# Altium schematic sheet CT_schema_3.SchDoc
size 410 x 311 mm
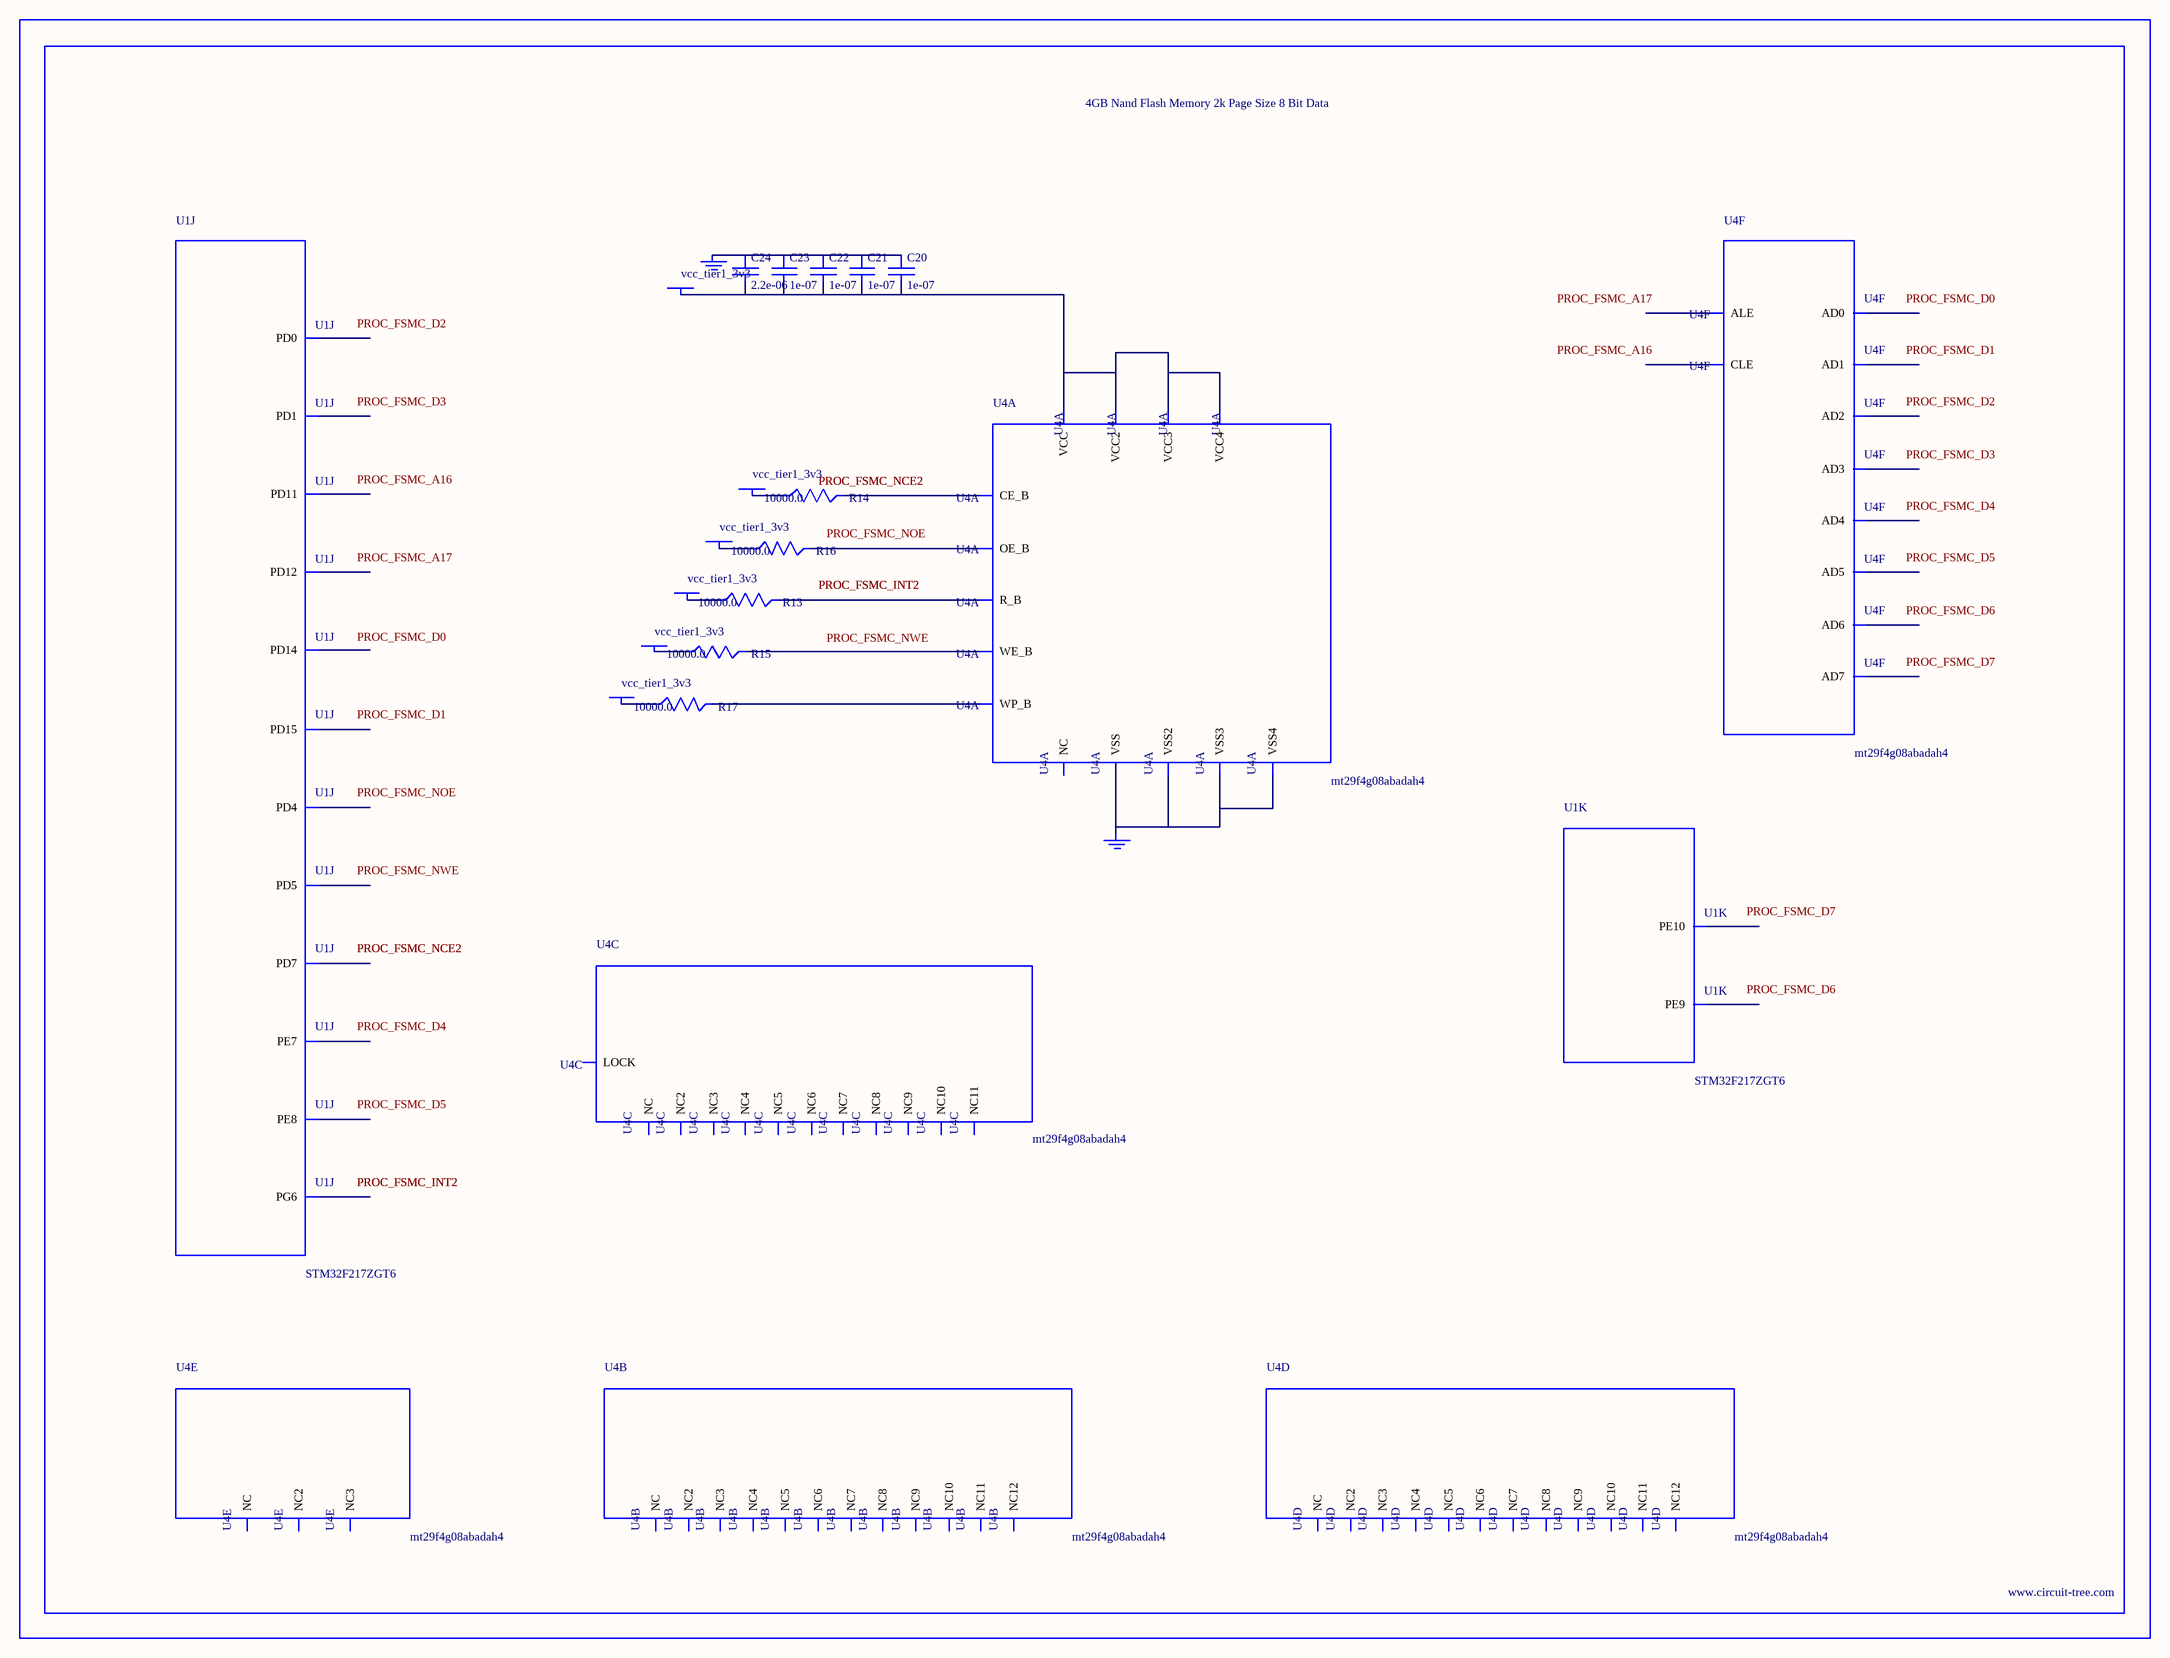
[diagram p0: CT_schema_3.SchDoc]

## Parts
BORDER2  (no value)
C20  1e-07  [C0402]
C21  1e-07  [C0402]
C22  1e-07  [C0402]
C23  1e-07  [C0402]
C24  2.2e-06  [C0603]
GND_INSTANCE_2_0  (no value)
GND_INSTANCE_2_1  (no value)
POWER_INSTANCE_2_0  vcc_tier1_3v3
POWER_INSTANCE_2_1  vcc_tier1_3v3
POWER_INSTANCE_2_2  vcc_tier1_3v3
POWER_INSTANCE_2_3  vcc_tier1_3v3
POWER_INSTANCE_2_4  vcc_tier1_3v3
POWER_INSTANCE_2_5  vcc_tier1_3v3
R13  10000.0  [R0603]
R14  10000.0  [R0603]
R15  10000.0  [R0603]
R16  10000.0  [R0603]
R17  10000.0  [R0603]
U1  STM32F217ZGT6  [LQFP144]  (parts J,K of 13)
U4  mt29f4g08abadah4  [VFBGA-63]  (parts A,B,C,D,E,F of 6)

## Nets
NetC20_1: C20.1 C21.1 C22.1 C23.1 C24.1 GND_INSTANCE_2_0.0(GND)
NetC20_2: C20.2 C21.2 C22.2 C23.2 C24.2 POWER_INSTANCE_2_0.0(PWR) U4.D3(VCC) U4.G4(VCC2) U4.H8(VCC3) U4.J6(VCC4)
NetGND_INSTANCE_2_1_0: GND_INSTANCE_2_1.0(GND) U4.C5(VSS) U4.F7(VSS2) U4.K3(VSS3) U4.K8(VSS4)
NetPOWER_INSTANCE_2_1_0: POWER_INSTANCE_2_1.0(PWR) R13.1
NetPOWER_INSTANCE_2_2_0: POWER_INSTANCE_2_2.0(PWR) R14.1
NetPOWER_INSTANCE_2_3_0: POWER_INSTANCE_2_3.0(PWR) R15.1
NetPOWER_INSTANCE_2_4_0: POWER_INSTANCE_2_4.0(PWR) R16.1
NetPOWER_INSTANCE_2_5_0: POWER_INSTANCE_2_5.0(PWR) R17.1
NetR13_2: R13.2 U4.C8(R_B)
NetR14_2: R14.2 U4.C6(CE_B)
NetR15_2: R15.2 U4.C7(WE_B)
NetR16_2: R16.2 U4.D4(OE_B)
NetR17_2: R17.2 U4.C3(WP_B)

Not connected (* = marked no-connect by the designer): U1 58(PE7) 59(PE8) 60(PE9) 63(PE10) 80(PD11) 81(PD12) 85(PD14) 86(PD15) 91(PG6) 114(PD0) 115(PD1) 118(PD4) 119(PD5) 123(PD7); U4 A1(NC) A2(NC3) A9(NC4) A10(NC2) B1(NC5) B9(NC7) B10(NC6) C4(ALE) D5(CLE) D6(NC8) D7(NC9) D8(NC10) E3(NC11) E4(NC12) E5(NC) E6(NC2) E7(NC3) E8(NC4) F3(NC5) F4(NC6) F5(NC7) F6(NC8) F8(NC9) G3(NC) G5(LOCK) G6(NC10) G7(NC11) G8(NC) H3(NC2) H4(AD0) H5(NC3) H6(NC4) H7(NC5) J3(NC6) J4(AD1) J5(NC7) J7(AD5) J8(AD7) K4(AD2) K5(AD3) K6(AD4) K7(AD6) L1(NC8) L2(NC10) L9(NC11) L10(NC9) M1(NC12) M2(NC2) M9(NC3) M10(NC)

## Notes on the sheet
- Labels drawn without touching a wire or pin: PROC_FSMC_A16, PROC_FSMC_A17, PROC_FSMC_D0, PROC_FSMC_D1, PROC_FSMC_D2, PROC_FSMC_D3, PROC_FSMC_D4, PROC_FSMC_D5, PROC_FSMC_D6, PROC_FSMC_D7, PROC_FSMC_NOE, PROC_FSMC_NWE

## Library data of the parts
BORDER2 = BORDER_PAGE2
C20-C23 = C0402C104K3RACTU
C24 = C0603C225K8RACTU
GND_INSTANCE_2_0 GND_INSTANCE_2_1 = GND
POWER_INSTANCE_2_0-POWER_INSTANCE_2_5 = PWR
R13-R17 = RC0603JR-0710KL

Work instructions - Please reproduce exactly the lines in the listing above from the one containing "NetPOWER_INSTANCE_2_2_0: POWER_INSTANCE_2_2.0(PWR) R14.1" through the one containing "NetR17_2: R17.2 U4.C3(WP_B)", both included, and nothing more.

Task answer -
NetPOWER_INSTANCE_2_2_0: POWER_INSTANCE_2_2.0(PWR) R14.1
NetPOWER_INSTANCE_2_3_0: POWER_INSTANCE_2_3.0(PWR) R15.1
NetPOWER_INSTANCE_2_4_0: POWER_INSTANCE_2_4.0(PWR) R16.1
NetPOWER_INSTANCE_2_5_0: POWER_INSTANCE_2_5.0(PWR) R17.1
NetR13_2: R13.2 U4.C8(R_B)
NetR14_2: R14.2 U4.C6(CE_B)
NetR15_2: R15.2 U4.C7(WE_B)
NetR16_2: R16.2 U4.D4(OE_B)
NetR17_2: R17.2 U4.C3(WP_B)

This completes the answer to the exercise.